Я оторопел. После оставленных Марфе десяти рублей у меня оставалось достаточно, но если я отдам унтеру сейчас полтинник, то у меня останется всего на пару-другую сапог. А ехать ещё, по самым малым прикидкам, две недели.
— Что, пожалел, Гаврила? Жадность задушила? Считаешь пятидесяти копеек много? — насмешливо посмотрел на меня Демьян.
Я облегчённо выдохнул. Да-а-а, надо же, чуть в лужу не сел со своими привычками из будущего! Вот ещё задача. Совсем я цену местным деньгам не знаю. Перед унтером выкрутился, объяснив, что имею лишь пятирублёвые ассигнации. Тот кивнул, сбегал по-быстрому в соседний вагон и разменял мне синенькую на горсть серебряных полтинников. Так и состоялась моя первая сделка в этом мире.
Приятной неожиданностью стало наличие сестёр милосердия, которые обитали в вагоне с коллежским асессором.

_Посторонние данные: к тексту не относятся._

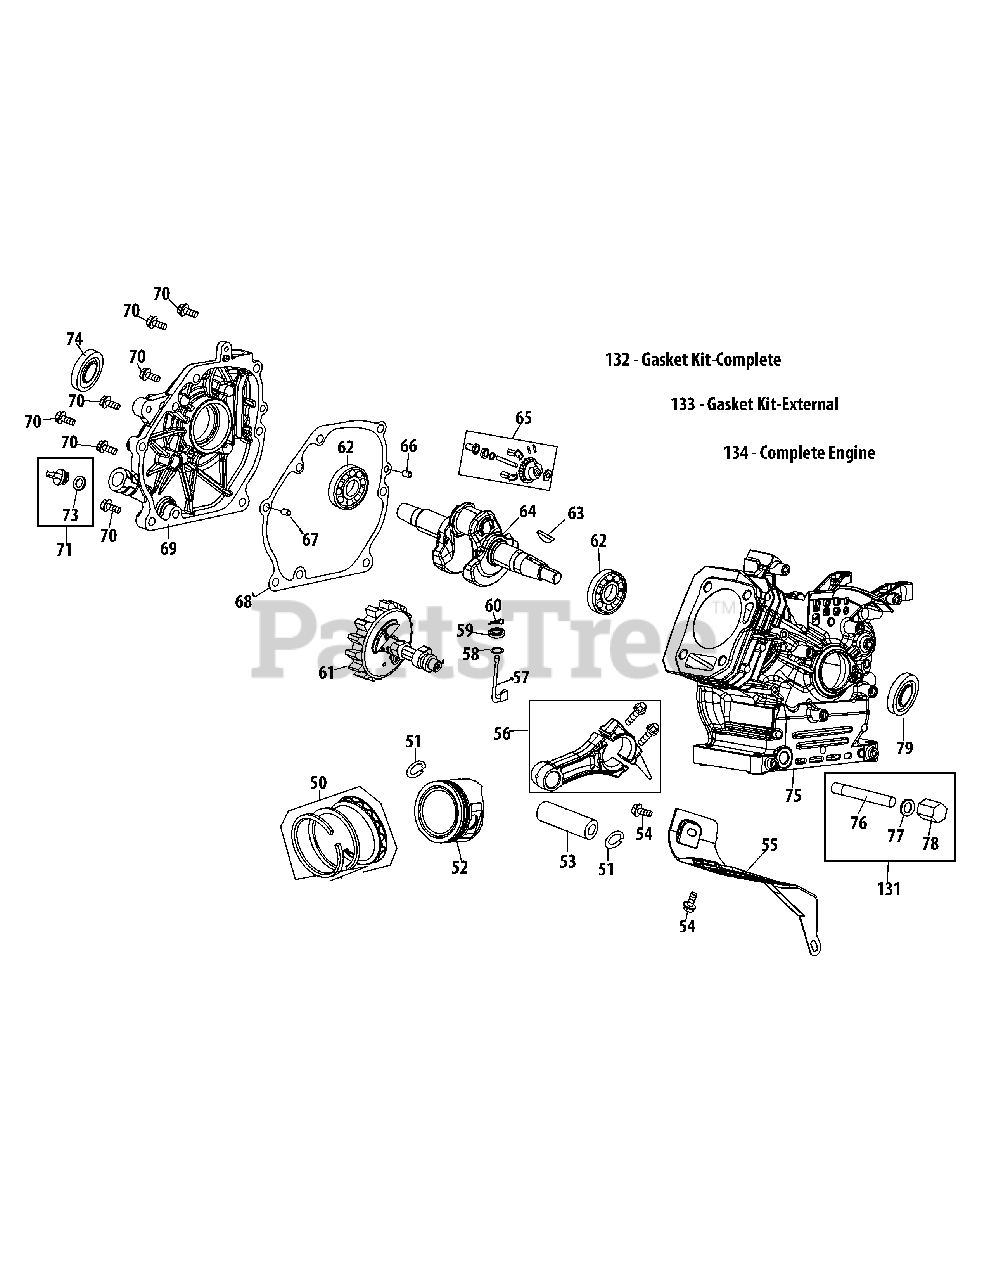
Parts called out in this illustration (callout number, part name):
50	Piston Ring Set
51	Piston Pin Snap Ring
53	Piston Pin
54	Bolt M6×12
55	Air Shield
56	Connecting Rod Assembly
57	Governor Arm Shaft
58	Washer 5.2×1.9
59	Governor Seal
60	Cotter Pin
61	Camshaft Assembly
62	Radial Ball Bearing, 6205
63	Woodruff Key
64	Crankshaft Kit
65	Governor Gear/Shaft Assembly
66	Dowel Pin 7×14
67	Dowel Pin 9×14
68	Crankcase Cover Gasket
69	Crankcase Cover
69	Crankcase Cover Kit
70	Bolt M8×32
71	Oil Fill Plug Assembly
73	O-Ring 15.8×2.5
74	Oil Seal, 25×41.25×6
75	Crankcase Kit
75	Short Block Assembly
76	Oil Drain Pipe Assy.
77	Washer 10×16×1.5
78	Oil Drain Plug
79	Oil Seal 25×41.25×6
131	Oil Drain Assembly
132	Gasket Kit - Complete
133	Gasket Kit - External
134	Complete Engine

Сам Иван Ильич занимал небольшой отгороженный дощатым щитом пенал с откидным столиком и топчаном, который был расположен там, где в наших вагонах обычно находится купе проводника. Врач держал в своём закутке бумаги и расчётно-учётные книги лазарета, там же ночевал, заодно и бдел за мужским личным составом, о чём в первый же день мне было сказано с намёком от одного из санитаров не поддаваться «греху кобелячьему», иначе не видать мне фронта как своих ушей. А, ежели и видать, то из окопов арестантской роты.
Девушек в серых платьях, накрахмаленных передниках с крестом и таких же белых косынках мне приходилось видеть не раз. Но всегда издалека. За неимением раненых, за которыми бы требовался уход, они большую часть дороги проводили в своём вагоне. Даже правом свободно покидать вагон сёстры милосердия не злоупотребляли. Если бы сам не видел и не рассказали солдаты, и не знал, что вагон населён. Ехали себе тихо, как мышки. Пару раз замечал Ивана Ильича, что возвращался с сестринской половины с ворохом журналов и указкой. Демьян пояснил, что дохтур занятия с милосердными проводит по части перевязок, обработки ран и прочей скорбной немочи тел солдатских.